There are also some mental preparations you may have to go through in order to be ready for a job outside of the military. “Learn everything you can about post-traumatic stress disorder (PTSD) and better understand why you do what you do,” Dr. Croft says. “It’s important to know what your symptoms are, what triggers them and how to cope. Without the knowledge, you’re likely to get in trouble and be misunderstood.”

Communicating the perks of having a veteran as an employee
Many companies know first-hand the benefits of having veterans as employees. Continue the good reputation by sharing what makes veterans such a valuable addition to the workforce. Molly Mahoney Matthews, president and CEO of The Starfish Group, a communications and PR specialist group, says, “Veterans are men and woman who have showed up and performed. They successfully completed rigorous training programs, met job requirements, sacrificed for their country and delivered a good work product. This is a fabulous credential and as job candidates they should be proud and speak highly of their service. They also need to approach the civilian world with positive expectancy and assure the future employer they are excited about developing a life’s work outside of the military and are open to learning all they can to deliver and serve in this new arena.”

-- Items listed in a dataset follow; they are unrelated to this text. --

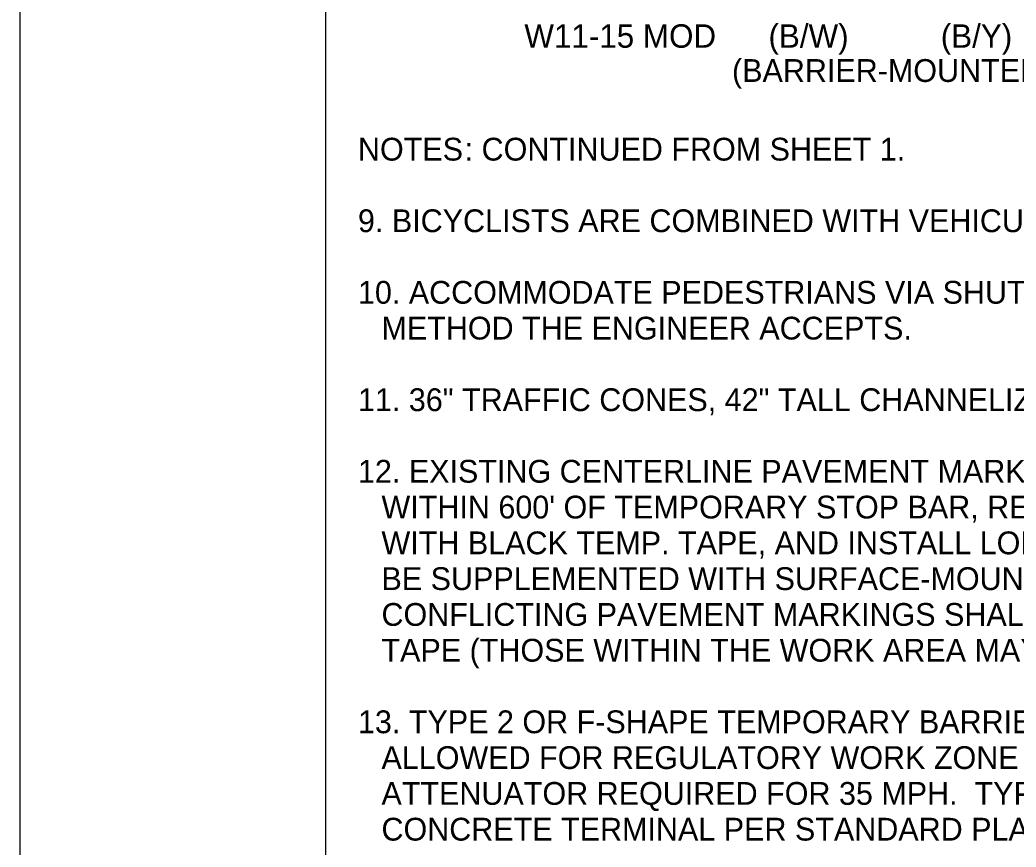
# Model space of a CAD drawing. Extents: x 99976 to 100136, y 99905 to 100011.
# Drawn here: x 100019.062 to 100022.12, y 99942.89 to 99945.43 of the extents above; entities that cross this region are included whole.
import ezdxf

# ---------------------------------------------------------------- set-up
doc = ezdxf.new("R2010")
doc.units = 0
for name, color, linetype in [('SH_GI_GeneralNotesBodyText', 7, 'Continuous'), ('SH_GI_PlotLimits', 7, 'Continuous'), ('SH_GI_SheetBorder', 7, 'Continuous'), ('TR_SN_ConstructionSigns', 7, 'Continuous'), ('TR_WZ_WorkZoneDetails', 7, 'Continuous')]:
    doc.layers.add(name, color=color, linetype=linetype)

msp = doc.modelspace()

# ---------------------------------------------------------------- linework, layer by layer
at = {"layer": 'SH_GI_PlotLimits'}
msp.add_lwpolyline([(100019.0625, 99939.6875), (100036.0625, 99939.6875), (100036.0625, 99950.6875), (100019.0625, 99950.6875)], close=True, dxfattribs=at)
at = {"layer": 'SH_GI_SheetBorder'}
msp.add_line((100020, 99950.375), (100020, 99940), dxfattribs=at)

# ---------------------------------------------------------------- texts
at = {"layer": 'SH_GI_GeneralNotesBodyText'}
for s, p in [('NOTES', (100020.1, 99944.9978)), (': CONTINUED FROM SHEET 1.', (100020.4275, 99944.9978)), ('9. BICYCLISTS ARE COMBINED WITH VEHICULAR TRAFFIC THROUGH THE LANE CLOSURE.', (100020.1, 99944.778)), ('10. ACCOMMODATE PEDESTRIANS VIA SHUTTLE THROUGH LANE CLOSURE OR ANOTHER ', (100020.1, 99944.5582)), ('METHOD THE ENGINEER ACCEPTS.', (100020.1722, 99944.4483)), ('11. 36" TRAFFIC CONES, 42" TALL CHANNELIZATION DEVICES, OR TRAFFIC SAFETY DRUMS OK.', (100020.1, 99944.2285)), ('12. EXISTING CENTERLINE PAVEMENT MARKINGS MAY VARY. IF PASSING ZONE PRESENT ', (100020.1, 99944.0087)), ("WITHIN 600' OF TEMPORARY STOP BAR, REMOVE EXISTING CENTERLINE MARKING, OR COVER ", (100020.1722, 99943.8988)), ('WITH BLACK TEMP. TAPE, AND INSTALL LONG-DURATION TEMP. DOUBLE YELLOW LINE (MAY ', (100020.1722, 99943.7889)), ("BE SUPPLEMENTED WITH SURFACE-MOUNTED TYPE 2YY RPMs @ 40' SPACING).  ALL OTHER ", (100020.1722, 99943.679)), ('CONFLICTING PAVEMENT MARKINGS SHALL BE REMOVED OR COVERED WITH BLACK TEMP. ', (100020.1722, 99943.5691)), ('TAPE (THOSE WITHIN THE WORK AREA MAY REMAIN AS SHOWN).', (100020.1722, 99943.4592)), ('13. TYPE 2 OR F-SHAPE TEMPORARY BARRIER PERMITTED.  SLOPED CONCRETE TERMINAL ', (100020.1, 99943.2394)), ('ALLOWED FOR REGULATORY WORK ZONE SPEED LIMITS 25 MPH OR LESS BUT TL-2 IMPACT ', (100020.1722, 99943.1295)), ('ATTENUATOR REQUIRED FOR 35 MPH.  TYPE 2 TEMPORARY BARRIER AND SLOPED ', (100020.1722, 99943.0196)), ('CONCRETE TERMINAL PER STANDARD PLAN K.80-32 BUT CONTRACTOR SHALL SELECT ', (100020.1722, 99942.9097))]:
    msp.add_text(s, height=0.07, rotation=360, dxfattribs=at).set_placement(p)
at = {"layer": 'TR_SN_ConstructionSigns'}
for s, p in [('W11-15 MOD', (100020.6107, 99945.3443)), ('(B/W)', (100021.36, 99945.3443)), ('(B/Y)', (100021.8888, 99945.3443))]:
    msp.add_text(s, height=0.072, rotation=360, dxfattribs=at).set_placement(p)
at = {"layer": 'TR_WZ_WorkZoneDetails'}
msp.add_text('(BARRIER-MOUNTED)', height=0.07, dxfattribs=at).set_placement((100021.2481, 99945.2393))

doc.saveas('drawing.dxf')

  1. While preparing Army Retirement Letter ensure that you have performed your last eight years of qualifying service while a member of the Active Reserve.
    <a href=””>Army Retirement Letter</a>

  2. At Westwood we have a lot of students who pursue a degree after serving our country. They are consistently among our most dedicated and hard-working students in the classroom and we appreciate the real-world suggestions you provide for how they can maximize their experience. We will share this with our blog readers in our Friday industry roundup!

  3. This is an outstanding article (and topic).
    The greatest challenge that many ex military people face is “translating” their service experience to commercially credible language. This is especially true with combat troops. And the hardest thing, in order to translate something into a language that’s new for you, yo need to find someone who speaks both languages.
    I worked with a former marine who was imbedded with Iraqi troops as an advisor. On his resume, he had written “advisor” and given a very good explanation of what he did there (in military terms). But he was facing those canned MBA interview questions and it was tough - believe it or not, they actually asked a decorated marine officer things like “like tell me about a time that you used leadership?”
    So we translated together…
    “Advisor” became “leading without formal line authority” – a key skill that is required in matrix organizations with cross-functional teams. He also learned how to answer behavioral questions (tell me about a time that you …?) with examples from his experiences in combat. Now this wasn’t easy because his stories needed to be framed in civilian language, but things like taking over when an Iraqi commander was endangering his men became “maintaining that delicate balance between consensus building and taking charge”.
    On some level, it is unfortuante that the people who risk their lives for our freedom have to connect the dots for the people they serve, but more often than not, thats the case. I’ll often advise vets to look for people who “get the joke” but unless you’re talking to a fellow vet, that vcan be hard to find.
    Thanks again for the great article.